The Wild West in Darktown: The Buffalo Chase
Publisher Currier & Ives American
Not on view
The late nineteenth-century Darktown prints by Currier & Ives depict racist stereotypes that are offensive and disturbing. The Metropolitan Museum of Art preserves such works to shed light on their historical context and to enable the study and evaluation of racism.
In this print, three Black (Afican American) cowboys on horseback chase two "buffalos" down a rural town street. In fact, each "buffalo" is a full animal skin draped over two men -- their legs are visible beneath the head and rump of the "animal." At right, a dog runs ahead, yet turns its head to glance back at the beasts behind him. The lead cowboy (center) rides a brown horse and fires guns at the "buffalos." Sporting a mustache and goatee, he has flowing black hair, and wears a wide-brimmed hat, a fringed buckskin jacket, buckskin pants and boots. At left (behind the lead rider), the second rider (riding a donkey, rather than a horse, as his steed has longer ears) holds a whip in his raised left hand. He is followed by a partially depicted third rider (shown with head and torso only). In the background-- extending from the center to the right of the image, a crowd of Black spectators watch from behind a white wooden fence. In addition, a man and two boys watch from a tree (center), and one man sits on a rooftop (beside two cats and a dog-- near upper right) to watch the chase. At the far right (beside the fence) stands a woman dressed in a pink dress and white apron. The title is imprinted in the bottom margin.
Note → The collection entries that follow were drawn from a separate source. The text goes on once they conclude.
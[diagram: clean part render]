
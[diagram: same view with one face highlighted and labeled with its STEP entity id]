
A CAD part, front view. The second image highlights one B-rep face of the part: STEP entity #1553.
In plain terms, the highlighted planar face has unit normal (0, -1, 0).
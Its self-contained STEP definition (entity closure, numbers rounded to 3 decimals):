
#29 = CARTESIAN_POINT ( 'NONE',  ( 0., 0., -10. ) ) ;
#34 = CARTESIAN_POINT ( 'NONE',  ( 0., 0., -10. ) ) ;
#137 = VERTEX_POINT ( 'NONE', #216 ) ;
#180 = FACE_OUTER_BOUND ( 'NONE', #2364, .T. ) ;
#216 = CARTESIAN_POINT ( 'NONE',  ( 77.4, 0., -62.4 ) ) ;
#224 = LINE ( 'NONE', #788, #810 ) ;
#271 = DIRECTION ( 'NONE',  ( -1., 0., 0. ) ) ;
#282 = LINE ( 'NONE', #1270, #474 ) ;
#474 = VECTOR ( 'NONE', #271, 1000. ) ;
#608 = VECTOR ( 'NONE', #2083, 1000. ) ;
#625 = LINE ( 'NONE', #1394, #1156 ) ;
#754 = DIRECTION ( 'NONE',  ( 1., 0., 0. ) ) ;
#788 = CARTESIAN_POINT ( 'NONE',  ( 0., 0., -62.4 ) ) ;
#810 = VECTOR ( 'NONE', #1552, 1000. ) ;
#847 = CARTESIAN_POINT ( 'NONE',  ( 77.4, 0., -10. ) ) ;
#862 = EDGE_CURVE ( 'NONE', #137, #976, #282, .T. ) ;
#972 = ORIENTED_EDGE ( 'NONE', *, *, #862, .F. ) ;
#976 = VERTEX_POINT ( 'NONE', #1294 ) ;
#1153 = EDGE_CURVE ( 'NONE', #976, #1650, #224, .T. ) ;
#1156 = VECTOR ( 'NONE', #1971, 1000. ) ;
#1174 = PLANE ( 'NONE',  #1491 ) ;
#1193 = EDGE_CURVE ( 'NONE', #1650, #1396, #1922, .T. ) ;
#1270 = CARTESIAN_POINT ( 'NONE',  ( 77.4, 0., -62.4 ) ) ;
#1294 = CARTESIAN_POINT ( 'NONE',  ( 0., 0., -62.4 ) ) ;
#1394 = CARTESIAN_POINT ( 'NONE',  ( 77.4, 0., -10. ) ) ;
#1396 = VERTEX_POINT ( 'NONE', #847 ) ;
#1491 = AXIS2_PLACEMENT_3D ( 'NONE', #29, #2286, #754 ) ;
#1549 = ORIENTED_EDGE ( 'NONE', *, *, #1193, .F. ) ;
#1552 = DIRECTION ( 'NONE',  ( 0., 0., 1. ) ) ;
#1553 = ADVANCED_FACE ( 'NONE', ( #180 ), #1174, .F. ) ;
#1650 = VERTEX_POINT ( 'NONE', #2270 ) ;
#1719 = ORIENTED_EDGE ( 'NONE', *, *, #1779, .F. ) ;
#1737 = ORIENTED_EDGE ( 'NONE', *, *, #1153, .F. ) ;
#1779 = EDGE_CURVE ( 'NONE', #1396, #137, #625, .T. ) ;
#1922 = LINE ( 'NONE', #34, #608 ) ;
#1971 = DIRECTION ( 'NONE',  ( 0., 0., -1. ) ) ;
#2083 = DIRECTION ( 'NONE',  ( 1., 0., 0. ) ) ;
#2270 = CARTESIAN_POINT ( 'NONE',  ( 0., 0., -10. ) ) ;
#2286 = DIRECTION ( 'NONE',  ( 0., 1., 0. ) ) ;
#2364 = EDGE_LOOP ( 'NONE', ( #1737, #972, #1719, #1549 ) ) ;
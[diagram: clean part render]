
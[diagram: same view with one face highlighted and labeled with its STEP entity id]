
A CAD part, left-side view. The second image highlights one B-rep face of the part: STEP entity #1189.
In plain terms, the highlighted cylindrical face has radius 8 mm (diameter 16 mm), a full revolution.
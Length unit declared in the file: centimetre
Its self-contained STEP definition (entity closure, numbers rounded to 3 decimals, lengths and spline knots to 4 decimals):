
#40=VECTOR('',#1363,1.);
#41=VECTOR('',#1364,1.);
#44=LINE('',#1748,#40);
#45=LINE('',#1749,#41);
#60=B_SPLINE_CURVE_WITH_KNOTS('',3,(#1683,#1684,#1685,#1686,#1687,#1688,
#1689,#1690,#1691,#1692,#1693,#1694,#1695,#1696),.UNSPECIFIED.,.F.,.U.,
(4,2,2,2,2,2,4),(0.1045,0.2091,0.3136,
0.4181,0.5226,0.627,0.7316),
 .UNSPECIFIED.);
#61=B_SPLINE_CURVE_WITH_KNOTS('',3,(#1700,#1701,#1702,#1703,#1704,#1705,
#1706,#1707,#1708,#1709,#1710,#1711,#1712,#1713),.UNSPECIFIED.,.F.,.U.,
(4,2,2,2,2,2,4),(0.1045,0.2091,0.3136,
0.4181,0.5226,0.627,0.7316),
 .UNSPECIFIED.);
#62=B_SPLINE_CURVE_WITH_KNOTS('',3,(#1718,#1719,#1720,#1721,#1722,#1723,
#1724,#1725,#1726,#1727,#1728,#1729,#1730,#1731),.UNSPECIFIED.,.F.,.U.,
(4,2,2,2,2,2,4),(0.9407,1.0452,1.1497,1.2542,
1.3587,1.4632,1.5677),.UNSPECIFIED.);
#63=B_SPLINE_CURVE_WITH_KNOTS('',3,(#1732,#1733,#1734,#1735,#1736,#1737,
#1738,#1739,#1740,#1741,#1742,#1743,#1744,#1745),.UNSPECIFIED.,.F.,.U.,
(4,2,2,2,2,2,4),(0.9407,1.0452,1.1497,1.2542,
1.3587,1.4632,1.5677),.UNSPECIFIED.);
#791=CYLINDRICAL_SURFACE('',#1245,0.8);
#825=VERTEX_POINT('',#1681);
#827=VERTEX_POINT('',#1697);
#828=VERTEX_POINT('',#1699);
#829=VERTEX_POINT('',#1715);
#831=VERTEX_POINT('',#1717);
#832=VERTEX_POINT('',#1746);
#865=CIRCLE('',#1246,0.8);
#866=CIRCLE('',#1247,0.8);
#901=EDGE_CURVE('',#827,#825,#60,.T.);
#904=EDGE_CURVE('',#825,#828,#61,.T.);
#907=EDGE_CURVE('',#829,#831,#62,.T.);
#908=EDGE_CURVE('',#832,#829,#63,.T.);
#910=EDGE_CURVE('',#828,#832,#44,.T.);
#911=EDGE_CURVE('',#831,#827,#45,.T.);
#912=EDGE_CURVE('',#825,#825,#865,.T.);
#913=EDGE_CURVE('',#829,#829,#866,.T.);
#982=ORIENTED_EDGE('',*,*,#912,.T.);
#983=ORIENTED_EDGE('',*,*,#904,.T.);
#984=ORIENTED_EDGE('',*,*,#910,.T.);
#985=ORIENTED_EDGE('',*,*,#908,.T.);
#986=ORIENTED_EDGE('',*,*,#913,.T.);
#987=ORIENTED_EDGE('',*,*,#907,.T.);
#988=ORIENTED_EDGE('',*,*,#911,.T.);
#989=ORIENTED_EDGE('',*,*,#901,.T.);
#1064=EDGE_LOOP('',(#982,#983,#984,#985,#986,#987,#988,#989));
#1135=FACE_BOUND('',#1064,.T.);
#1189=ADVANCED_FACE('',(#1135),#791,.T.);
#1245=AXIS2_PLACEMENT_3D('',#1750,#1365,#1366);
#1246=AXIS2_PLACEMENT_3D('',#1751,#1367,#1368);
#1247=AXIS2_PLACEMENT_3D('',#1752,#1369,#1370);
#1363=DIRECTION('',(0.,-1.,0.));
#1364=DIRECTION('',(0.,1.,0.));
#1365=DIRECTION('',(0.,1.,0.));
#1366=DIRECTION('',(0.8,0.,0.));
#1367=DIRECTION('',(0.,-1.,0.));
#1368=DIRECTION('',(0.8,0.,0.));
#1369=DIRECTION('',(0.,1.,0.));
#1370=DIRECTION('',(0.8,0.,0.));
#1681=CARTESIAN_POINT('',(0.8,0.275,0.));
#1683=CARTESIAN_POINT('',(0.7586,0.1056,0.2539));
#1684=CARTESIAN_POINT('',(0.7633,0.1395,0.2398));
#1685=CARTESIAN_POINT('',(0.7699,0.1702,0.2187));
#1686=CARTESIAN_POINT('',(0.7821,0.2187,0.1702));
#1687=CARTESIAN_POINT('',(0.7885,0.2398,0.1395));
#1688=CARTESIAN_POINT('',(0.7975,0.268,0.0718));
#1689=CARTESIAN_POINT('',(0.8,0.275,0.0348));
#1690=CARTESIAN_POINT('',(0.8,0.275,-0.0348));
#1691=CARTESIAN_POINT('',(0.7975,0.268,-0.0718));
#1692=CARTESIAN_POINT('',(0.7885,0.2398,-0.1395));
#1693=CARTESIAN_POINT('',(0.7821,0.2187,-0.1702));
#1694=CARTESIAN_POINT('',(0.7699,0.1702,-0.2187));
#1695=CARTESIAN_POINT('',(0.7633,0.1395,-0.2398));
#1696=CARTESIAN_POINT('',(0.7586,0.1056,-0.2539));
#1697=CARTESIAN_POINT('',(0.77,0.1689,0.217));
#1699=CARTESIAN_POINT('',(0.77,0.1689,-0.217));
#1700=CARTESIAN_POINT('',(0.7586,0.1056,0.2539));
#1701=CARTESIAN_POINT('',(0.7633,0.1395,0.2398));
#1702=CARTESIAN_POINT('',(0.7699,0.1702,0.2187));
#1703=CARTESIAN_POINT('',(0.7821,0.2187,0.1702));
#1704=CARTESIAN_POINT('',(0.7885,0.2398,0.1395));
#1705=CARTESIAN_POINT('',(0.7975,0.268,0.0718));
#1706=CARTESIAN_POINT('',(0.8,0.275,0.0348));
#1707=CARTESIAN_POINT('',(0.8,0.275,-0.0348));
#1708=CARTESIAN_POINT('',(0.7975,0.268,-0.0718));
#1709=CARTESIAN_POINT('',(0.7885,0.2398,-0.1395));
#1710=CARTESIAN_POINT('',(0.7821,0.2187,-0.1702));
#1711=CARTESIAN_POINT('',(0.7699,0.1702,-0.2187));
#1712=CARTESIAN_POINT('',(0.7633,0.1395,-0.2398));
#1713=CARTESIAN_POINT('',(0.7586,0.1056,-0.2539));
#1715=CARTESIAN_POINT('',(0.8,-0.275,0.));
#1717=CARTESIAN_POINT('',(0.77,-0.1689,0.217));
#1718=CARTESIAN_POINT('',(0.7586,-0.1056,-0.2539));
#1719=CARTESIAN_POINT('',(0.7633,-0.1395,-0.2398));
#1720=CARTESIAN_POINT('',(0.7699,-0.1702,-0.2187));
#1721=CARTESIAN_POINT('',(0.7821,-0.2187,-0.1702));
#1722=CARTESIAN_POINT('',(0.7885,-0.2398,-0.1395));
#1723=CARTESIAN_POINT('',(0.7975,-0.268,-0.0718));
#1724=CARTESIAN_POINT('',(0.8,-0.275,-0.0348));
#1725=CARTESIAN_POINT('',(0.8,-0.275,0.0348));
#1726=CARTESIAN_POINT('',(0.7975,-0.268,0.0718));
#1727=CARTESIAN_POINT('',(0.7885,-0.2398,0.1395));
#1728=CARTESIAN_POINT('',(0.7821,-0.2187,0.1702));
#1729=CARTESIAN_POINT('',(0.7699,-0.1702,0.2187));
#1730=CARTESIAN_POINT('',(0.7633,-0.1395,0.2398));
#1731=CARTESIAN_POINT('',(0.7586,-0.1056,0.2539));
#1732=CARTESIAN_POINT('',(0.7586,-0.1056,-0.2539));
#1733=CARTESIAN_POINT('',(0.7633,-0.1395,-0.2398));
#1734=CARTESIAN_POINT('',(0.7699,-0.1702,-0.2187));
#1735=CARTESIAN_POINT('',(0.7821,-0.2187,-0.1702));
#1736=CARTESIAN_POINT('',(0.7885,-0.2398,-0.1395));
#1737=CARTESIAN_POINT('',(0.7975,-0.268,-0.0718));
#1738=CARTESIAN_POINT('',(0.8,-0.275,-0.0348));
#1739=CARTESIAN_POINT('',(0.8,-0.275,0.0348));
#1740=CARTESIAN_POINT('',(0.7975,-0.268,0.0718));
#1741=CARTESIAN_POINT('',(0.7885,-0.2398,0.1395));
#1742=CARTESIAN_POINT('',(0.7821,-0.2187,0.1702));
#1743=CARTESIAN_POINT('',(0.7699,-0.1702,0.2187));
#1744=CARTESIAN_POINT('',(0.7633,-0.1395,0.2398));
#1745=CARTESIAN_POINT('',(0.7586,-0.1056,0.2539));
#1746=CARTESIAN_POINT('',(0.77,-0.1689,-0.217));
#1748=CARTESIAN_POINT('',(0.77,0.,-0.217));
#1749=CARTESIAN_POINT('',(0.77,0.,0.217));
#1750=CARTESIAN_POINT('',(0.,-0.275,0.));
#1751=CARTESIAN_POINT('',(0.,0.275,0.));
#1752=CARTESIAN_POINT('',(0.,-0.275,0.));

Nathaniel Currier, whose successful New York-based lithography firm began in 1835, produced thousands of prints in various sizes that together create a vivid panorama of mid-to-late nineteenth century American life and its history. People eagerly acquired such lithographs featuring picturesque scenery, rural and city views, ships, railroads, portraits, hunting and fishing scenes, domestic life and numerous other subjects, as an inexpensive way to decorate their homes or business establishments. As the firm expanded, Nathaniel included his younger brother Charles in the business. In 1857, James Merritt Ives (the firm's accountant since 1852 and Charles's brother-in-law) was made a business partner; subsequently renamed Currier & Ives, the firm continued until 1907.